+++ Exercise materials +++

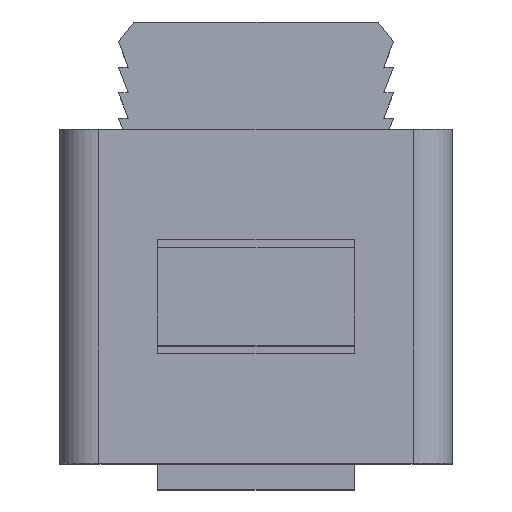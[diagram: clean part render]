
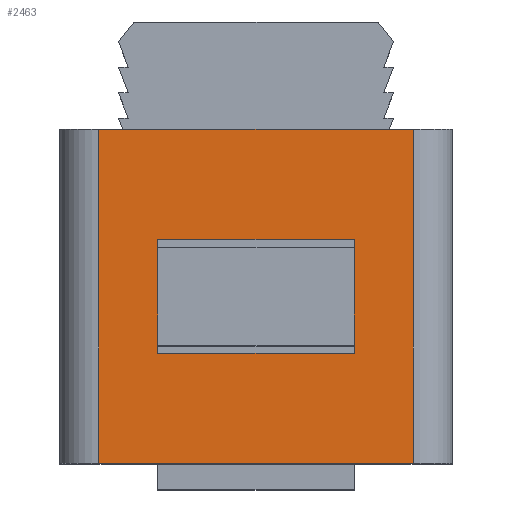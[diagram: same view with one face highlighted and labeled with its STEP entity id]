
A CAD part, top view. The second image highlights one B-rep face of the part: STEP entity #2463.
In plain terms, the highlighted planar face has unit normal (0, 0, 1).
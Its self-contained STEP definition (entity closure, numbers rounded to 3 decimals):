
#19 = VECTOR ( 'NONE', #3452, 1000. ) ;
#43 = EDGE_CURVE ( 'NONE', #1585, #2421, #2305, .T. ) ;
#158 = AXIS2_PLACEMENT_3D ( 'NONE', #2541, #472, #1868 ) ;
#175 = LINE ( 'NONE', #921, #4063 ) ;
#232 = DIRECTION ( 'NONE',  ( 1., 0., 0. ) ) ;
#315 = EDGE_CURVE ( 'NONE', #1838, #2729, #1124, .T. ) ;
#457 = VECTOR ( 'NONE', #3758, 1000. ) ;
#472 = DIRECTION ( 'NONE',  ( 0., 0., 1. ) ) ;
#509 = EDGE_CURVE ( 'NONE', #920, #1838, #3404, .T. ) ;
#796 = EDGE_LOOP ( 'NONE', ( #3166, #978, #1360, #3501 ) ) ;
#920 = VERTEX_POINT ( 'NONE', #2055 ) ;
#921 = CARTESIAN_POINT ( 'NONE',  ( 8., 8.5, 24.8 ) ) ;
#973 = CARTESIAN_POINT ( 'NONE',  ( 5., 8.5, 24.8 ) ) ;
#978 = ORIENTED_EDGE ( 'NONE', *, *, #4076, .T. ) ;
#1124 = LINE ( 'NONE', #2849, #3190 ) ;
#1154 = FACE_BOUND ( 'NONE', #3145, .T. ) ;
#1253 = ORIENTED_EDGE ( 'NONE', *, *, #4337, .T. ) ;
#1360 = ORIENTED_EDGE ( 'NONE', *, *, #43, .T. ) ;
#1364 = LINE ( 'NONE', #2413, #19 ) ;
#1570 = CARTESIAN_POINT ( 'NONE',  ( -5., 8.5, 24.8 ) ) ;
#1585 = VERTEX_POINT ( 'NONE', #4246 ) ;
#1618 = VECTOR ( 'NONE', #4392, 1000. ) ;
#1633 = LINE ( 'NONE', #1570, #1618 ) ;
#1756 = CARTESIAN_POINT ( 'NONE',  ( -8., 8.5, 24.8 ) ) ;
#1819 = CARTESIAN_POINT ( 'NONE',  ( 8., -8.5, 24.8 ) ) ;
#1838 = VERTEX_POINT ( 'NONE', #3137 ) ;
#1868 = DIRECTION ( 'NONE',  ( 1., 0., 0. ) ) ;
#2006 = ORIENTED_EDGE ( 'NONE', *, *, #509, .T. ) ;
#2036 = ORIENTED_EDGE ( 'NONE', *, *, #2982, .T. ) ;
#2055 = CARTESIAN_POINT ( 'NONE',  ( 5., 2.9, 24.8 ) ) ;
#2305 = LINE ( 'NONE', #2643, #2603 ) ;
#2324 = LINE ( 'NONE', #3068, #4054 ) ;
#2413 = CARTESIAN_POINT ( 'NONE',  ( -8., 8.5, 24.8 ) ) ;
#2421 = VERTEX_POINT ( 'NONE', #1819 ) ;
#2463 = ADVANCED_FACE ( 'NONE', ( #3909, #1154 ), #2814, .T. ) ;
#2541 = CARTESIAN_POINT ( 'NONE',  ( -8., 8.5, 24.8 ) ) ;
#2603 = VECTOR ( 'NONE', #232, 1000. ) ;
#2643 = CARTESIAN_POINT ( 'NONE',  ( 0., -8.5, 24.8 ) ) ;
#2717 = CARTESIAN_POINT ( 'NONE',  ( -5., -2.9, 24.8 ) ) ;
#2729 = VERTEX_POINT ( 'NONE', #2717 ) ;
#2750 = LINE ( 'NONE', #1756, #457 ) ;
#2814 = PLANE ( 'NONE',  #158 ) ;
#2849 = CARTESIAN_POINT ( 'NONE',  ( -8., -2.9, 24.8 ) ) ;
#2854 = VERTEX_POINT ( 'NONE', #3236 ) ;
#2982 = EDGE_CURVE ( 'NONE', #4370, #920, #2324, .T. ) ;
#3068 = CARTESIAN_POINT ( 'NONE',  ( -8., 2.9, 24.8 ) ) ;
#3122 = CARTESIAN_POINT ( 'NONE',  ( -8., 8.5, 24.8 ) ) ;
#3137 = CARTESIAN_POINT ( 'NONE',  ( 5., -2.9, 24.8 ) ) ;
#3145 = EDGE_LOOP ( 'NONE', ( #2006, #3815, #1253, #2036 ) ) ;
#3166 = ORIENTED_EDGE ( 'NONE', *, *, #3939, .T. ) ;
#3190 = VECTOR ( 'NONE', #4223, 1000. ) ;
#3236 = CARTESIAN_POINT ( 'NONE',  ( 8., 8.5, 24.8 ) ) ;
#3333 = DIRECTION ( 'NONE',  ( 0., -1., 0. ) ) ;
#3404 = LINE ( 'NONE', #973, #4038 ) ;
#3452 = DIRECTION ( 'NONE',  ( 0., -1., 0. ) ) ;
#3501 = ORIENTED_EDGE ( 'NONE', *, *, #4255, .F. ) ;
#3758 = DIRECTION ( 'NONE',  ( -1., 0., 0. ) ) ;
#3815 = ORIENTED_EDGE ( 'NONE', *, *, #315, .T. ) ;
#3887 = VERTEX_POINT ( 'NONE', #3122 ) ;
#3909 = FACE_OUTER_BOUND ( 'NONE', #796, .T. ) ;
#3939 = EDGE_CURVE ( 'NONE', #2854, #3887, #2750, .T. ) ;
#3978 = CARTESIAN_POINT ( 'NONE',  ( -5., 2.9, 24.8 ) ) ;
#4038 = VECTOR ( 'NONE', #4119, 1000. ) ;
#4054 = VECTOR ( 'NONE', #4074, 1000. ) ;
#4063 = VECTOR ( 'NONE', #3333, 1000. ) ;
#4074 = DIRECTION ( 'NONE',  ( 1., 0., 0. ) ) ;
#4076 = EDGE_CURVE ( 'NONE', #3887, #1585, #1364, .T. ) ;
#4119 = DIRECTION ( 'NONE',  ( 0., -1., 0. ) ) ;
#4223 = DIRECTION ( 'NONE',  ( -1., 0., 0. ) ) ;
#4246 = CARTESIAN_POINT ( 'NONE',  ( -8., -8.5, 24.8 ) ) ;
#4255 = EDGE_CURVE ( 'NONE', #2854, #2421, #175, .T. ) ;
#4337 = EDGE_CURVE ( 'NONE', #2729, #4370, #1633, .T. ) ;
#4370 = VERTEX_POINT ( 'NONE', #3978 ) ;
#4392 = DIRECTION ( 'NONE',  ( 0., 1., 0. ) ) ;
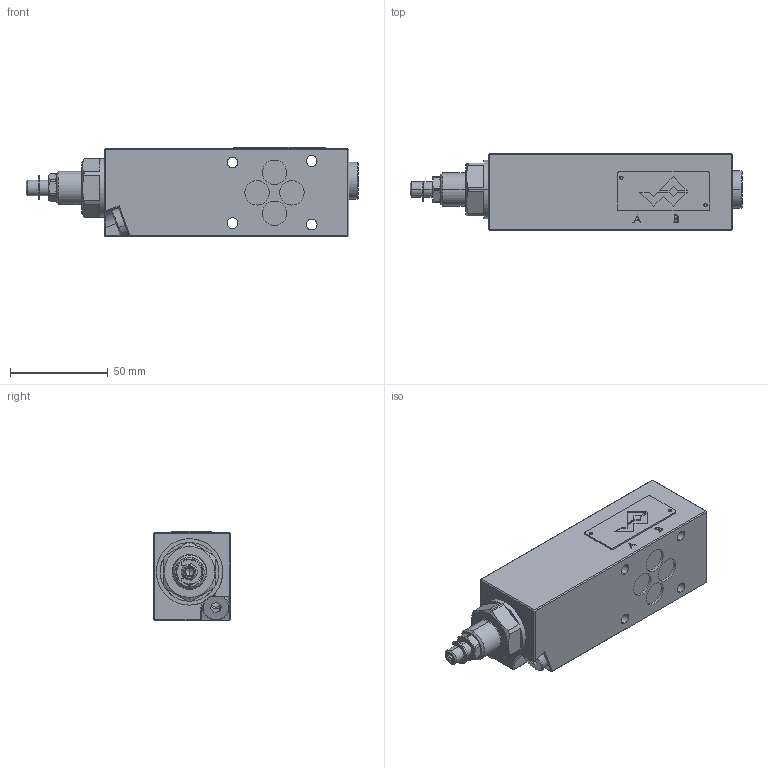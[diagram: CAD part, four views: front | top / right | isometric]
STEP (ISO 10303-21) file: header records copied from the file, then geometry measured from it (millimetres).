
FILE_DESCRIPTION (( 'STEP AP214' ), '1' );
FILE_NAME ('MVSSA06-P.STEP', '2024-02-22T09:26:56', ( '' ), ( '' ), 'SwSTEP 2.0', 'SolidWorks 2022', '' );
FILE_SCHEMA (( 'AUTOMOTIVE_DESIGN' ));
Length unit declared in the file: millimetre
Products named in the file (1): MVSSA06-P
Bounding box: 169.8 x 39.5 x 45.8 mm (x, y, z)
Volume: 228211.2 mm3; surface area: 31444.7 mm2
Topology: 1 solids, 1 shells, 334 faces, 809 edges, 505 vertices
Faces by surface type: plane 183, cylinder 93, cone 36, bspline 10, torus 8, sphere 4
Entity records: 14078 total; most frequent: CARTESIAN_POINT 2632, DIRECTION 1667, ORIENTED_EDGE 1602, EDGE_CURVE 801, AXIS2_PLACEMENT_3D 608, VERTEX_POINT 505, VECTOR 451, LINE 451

+++

Required action -
Every line above should be printed again word for word, without its pictures.

Reply to the exercise -
[diagram: clean part render]
[diagram: same view with one face highlighted and labeled with its STEP entity id]
A CAD part, top view. The second image highlights one B-rep face of the part: STEP entity #2463.
In plain terms, the highlighted planar face has unit normal (0, 0, 1).
Its self-contained STEP definition (entity closure, numbers rounded to 3 decimals):
#19 = VECTOR ( 'NONE', #3452, 1000. ) ;
#43 = EDGE_CURVE ( 'NONE', #1585, #2421, #2305, .T. ) ;
#158 = AXIS2_PLACEMENT_3D ( 'NONE', #2541, #472, #1868 ) ;
#175 = LINE ( 'NONE', #921, #4063 ) ;
#232 = DIRECTION ( 'NONE',  ( 1., 0., 0. ) ) ;
#315 = EDGE_CURVE ( 'NONE', #1838, #2729, #1124, .T. ) ;
#457 = VECTOR ( 'NONE', #3758, 1000. ) ;
#472 = DIRECTION ( 'NONE',  ( 0., 0., 1. ) ) ;
#509 = EDGE_CURVE ( 'NONE', #920, #1838, #3404, .T. ) ;
#796 = EDGE_LOOP ( 'NONE', ( #3166, #978, #1360, #3501 ) ) ;
#920 = VERTEX_POINT ( 'NONE', #2055 ) ;
#921 = CARTESIAN_POINT ( 'NONE',  ( 8., 8.5, 24.8 ) ) ;
#973 = CARTESIAN_POINT ( 'NONE',  ( 5., 8.5, 24.8 ) ) ;
#978 = ORIENTED_EDGE ( 'NONE', *, *, #4076, .T. ) ;
#1124 = LINE ( 'NONE', #2849, #3190 ) ;
#1154 = FACE_BOUND ( 'NONE', #3145, .T. ) ;
#1253 = ORIENTED_EDGE ( 'NONE', *, *, #4337, .T. ) ;
#1360 = ORIENTED_EDGE ( 'NONE', *, *, #43, .T. ) ;
#1364 = LINE ( 'NONE', #2413, #19 ) ;
#1570 = CARTESIAN_POINT ( 'NONE',  ( -5., 8.5, 24.8 ) ) ;
#1585 = VERTEX_POINT ( 'NONE', #4246 ) ;
#1618 = VECTOR ( 'NONE', #4392, 1000. ) ;
#1633 = LINE ( 'NONE', #1570, #1618 ) ;
#1756 = CARTESIAN_POINT ( 'NONE',  ( -8., 8.5, 24.8 ) ) ;
#1819 = CARTESIAN_POINT ( 'NONE',  ( 8., -8.5, 24.8 ) ) ;
#1838 = VERTEX_POINT ( 'NONE', #3137 ) ;
#1868 = DIRECTION ( 'NONE',  ( 1., 0., 0. ) ) ;
#2006 = ORIENTED_EDGE ( 'NONE', *, *, #509, .T. ) ;
#2036 = ORIENTED_EDGE ( 'NONE', *, *, #2982, .T. ) ;
#2055 = CARTESIAN_POINT ( 'NONE',  ( 5., 2.9, 24.8 ) ) ;
#2305 = LINE ( 'NONE', #2643, #2603 ) ;
#2324 = LINE ( 'NONE', #3068, #4054 ) ;
#2413 = CARTESIAN_POINT ( 'NONE',  ( -8., 8.5, 24.8 ) ) ;
#2421 = VERTEX_POINT ( 'NONE', #1819 ) ;
#2463 = ADVANCED_FACE ( 'NONE', ( #3909, #1154 ), #2814, .T. ) ;
#2541 = CARTESIAN_POINT ( 'NONE',  ( -8., 8.5, 24.8 ) ) ;
#2603 = VECTOR ( 'NONE', #232, 1000. ) ;
#2643 = CARTESIAN_POINT ( 'NONE',  ( 0., -8.5, 24.8 ) ) ;
#2717 = CARTESIAN_POINT ( 'NONE',  ( -5., -2.9, 24.8 ) ) ;
#2729 = VERTEX_POINT ( 'NONE', #2717 ) ;
#2750 = LINE ( 'NONE', #1756, #457 ) ;
#2814 = PLANE ( 'NONE',  #158 ) ;
#2849 = CARTESIAN_POINT ( 'NONE',  ( -8., -2.9, 24.8 ) ) ;
#2854 = VERTEX_POINT ( 'NONE', #3236 ) ;
#2982 = EDGE_CURVE ( 'NONE', #4370, #920, #2324, .T. ) ;
#3068 = CARTESIAN_POINT ( 'NONE',  ( -8., 2.9, 24.8 ) ) ;
#3122 = CARTESIAN_POINT ( 'NONE',  ( -8., 8.5, 24.8 ) ) ;
#3137 = CARTESIAN_POINT ( 'NONE',  ( 5., -2.9, 24.8 ) ) ;
#3145 = EDGE_LOOP ( 'NONE', ( #2006, #3815, #1253, #2036 ) ) ;
#3166 = ORIENTED_EDGE ( 'NONE', *, *, #3939, .T. ) ;
#3190 = VECTOR ( 'NONE', #4223, 1000. ) ;
#3236 = CARTESIAN_POINT ( 'NONE',  ( 8., 8.5, 24.8 ) ) ;
#3333 = DIRECTION ( 'NONE',  ( 0., -1., 0. ) ) ;
#3404 = LINE ( 'NONE', #973, #4038 ) ;
#3452 = DIRECTION ( 'NONE',  ( 0., -1., 0. ) ) ;
#3501 = ORIENTED_EDGE ( 'NONE', *, *, #4255, .F. ) ;
#3758 = DIRECTION ( 'NONE',  ( -1., 0., 0. ) ) ;
#3815 = ORIENTED_EDGE ( 'NONE', *, *, #315, .T. ) ;
#3887 = VERTEX_POINT ( 'NONE', #3122 ) ;
#3909 = FACE_OUTER_BOUND ( 'NONE', #796, .T. ) ;
#3939 = EDGE_CURVE ( 'NONE', #2854, #3887, #2750, .T. ) ;
#3978 = CARTESIAN_POINT ( 'NONE',  ( -5., 2.9, 24.8 ) ) ;
#4038 = VECTOR ( 'NONE', #4119, 1000. ) ;
#4054 = VECTOR ( 'NONE', #4074, 1000. ) ;
#4063 = VECTOR ( 'NONE', #3333, 1000. ) ;
#4074 = DIRECTION ( 'NONE',  ( 1., 0., 0. ) ) ;
#4076 = EDGE_CURVE ( 'NONE', #3887, #1585, #1364, .T. ) ;
#4119 = DIRECTION ( 'NONE',  ( 0., -1., 0. ) ) ;
#4223 = DIRECTION ( 'NONE',  ( -1., 0., 0. ) ) ;
#4246 = CARTESIAN_POINT ( 'NONE',  ( -8., -8.5, 24.8 ) ) ;
#4255 = EDGE_CURVE ( 'NONE', #2854, #2421, #175, .T. ) ;
#4337 = EDGE_CURVE ( 'NONE', #2729, #4370, #1633, .T. ) ;
#4370 = VERTEX_POINT ( 'NONE', #3978 ) ;
#4392 = DIRECTION ( 'NONE',  ( 0., 1., 0. ) ) ;
[diagram: CAD part, four views: front | top / right | isometric]
STEP (ISO 10303-21) file: header records copied from the file, then geometry measured from it (millimetres).
FILE_DESCRIPTION (( 'STEP AP214' ), '1' );
FILE_NAME ('MVSSA06-P.STEP', '2024-02-22T09:26:56', ( '' ), ( '' ), 'SwSTEP 2.0', 'SolidWorks 2022', '' );
FILE_SCHEMA (( 'AUTOMOTIVE_DESIGN' ));
Length unit declared in the file: millimetre
Products named in the file (1): MVSSA06-P
Bounding box: 169.8 x 39.5 x 45.8 mm (x, y, z)
Volume: 228211.2 mm3; surface area: 31444.7 mm2
Topology: 1 solids, 1 shells, 334 faces, 809 edges, 505 vertices
Faces by surface type: plane 183, cylinder 93, cone 36, bspline 10, torus 8, sphere 4
Entity records: 14078 total; most frequent: CARTESIAN_POINT 2632, DIRECTION 1667, ORIENTED_EDGE 1602, EDGE_CURVE 801, AXIS2_PLACEMENT_3D 608, VERTEX_POINT 505, VECTOR 451, LINE 451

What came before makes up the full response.